Material for this task:
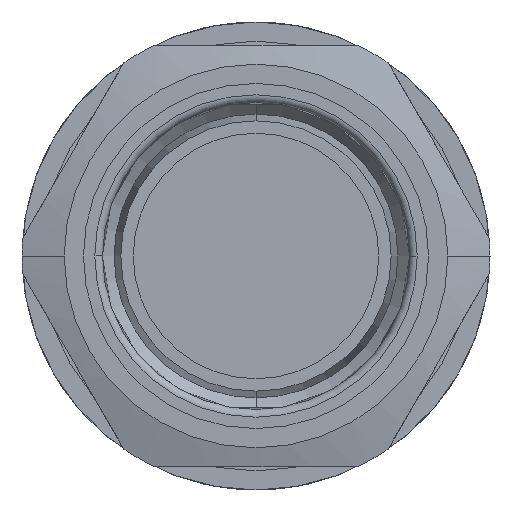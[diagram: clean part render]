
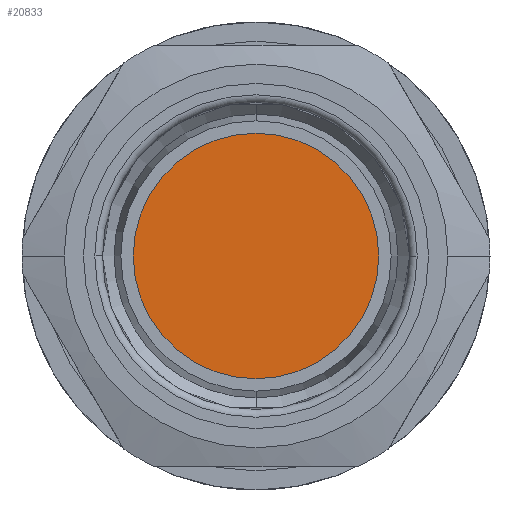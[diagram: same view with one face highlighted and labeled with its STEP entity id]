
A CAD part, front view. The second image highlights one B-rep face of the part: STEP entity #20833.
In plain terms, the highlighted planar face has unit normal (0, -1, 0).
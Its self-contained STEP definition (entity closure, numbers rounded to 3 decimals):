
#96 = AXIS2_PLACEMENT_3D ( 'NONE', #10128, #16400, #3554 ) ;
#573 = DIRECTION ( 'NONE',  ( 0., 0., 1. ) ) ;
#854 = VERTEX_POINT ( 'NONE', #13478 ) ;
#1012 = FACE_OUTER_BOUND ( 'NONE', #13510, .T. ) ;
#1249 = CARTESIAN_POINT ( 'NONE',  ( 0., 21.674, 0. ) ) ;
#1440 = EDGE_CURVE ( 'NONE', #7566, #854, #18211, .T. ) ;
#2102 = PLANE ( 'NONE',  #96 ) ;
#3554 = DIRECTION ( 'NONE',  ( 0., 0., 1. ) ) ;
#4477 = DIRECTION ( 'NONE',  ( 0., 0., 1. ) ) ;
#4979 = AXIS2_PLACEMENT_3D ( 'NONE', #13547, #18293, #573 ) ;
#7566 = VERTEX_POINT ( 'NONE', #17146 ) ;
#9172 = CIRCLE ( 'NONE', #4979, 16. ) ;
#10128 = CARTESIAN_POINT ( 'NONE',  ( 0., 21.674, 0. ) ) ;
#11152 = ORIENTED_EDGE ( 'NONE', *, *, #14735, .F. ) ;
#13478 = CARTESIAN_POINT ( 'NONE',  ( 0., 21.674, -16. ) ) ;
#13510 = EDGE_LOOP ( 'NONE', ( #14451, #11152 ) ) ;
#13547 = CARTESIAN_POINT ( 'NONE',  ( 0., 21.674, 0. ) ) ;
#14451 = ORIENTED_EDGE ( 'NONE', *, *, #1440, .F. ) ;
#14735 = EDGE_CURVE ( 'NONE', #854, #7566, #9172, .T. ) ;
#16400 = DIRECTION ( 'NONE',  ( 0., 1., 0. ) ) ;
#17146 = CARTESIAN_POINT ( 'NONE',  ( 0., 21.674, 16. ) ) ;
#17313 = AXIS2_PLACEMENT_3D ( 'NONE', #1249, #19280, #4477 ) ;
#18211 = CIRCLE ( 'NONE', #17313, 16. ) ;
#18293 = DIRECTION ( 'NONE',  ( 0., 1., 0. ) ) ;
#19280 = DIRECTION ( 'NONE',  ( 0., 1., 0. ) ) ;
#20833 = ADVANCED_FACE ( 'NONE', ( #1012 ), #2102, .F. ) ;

Brief: Scan the material above for lines holding "DIRECTION" and copy each of them.

Response area:
#573 = DIRECTION ( 'NONE',  ( 0., 0., 1. ) ) ;
#3554 = DIRECTION ( 'NONE',  ( 0., 0., 1. ) ) ;
#4477 = DIRECTION ( 'NONE',  ( 0., 0., 1. ) ) ;
#16400 = DIRECTION ( 'NONE',  ( 0., 1., 0. ) ) ;
#18293 = DIRECTION ( 'NONE',  ( 0., 1., 0. ) ) ;
#19280 = DIRECTION ( 'NONE',  ( 0., 1., 0. ) ) ;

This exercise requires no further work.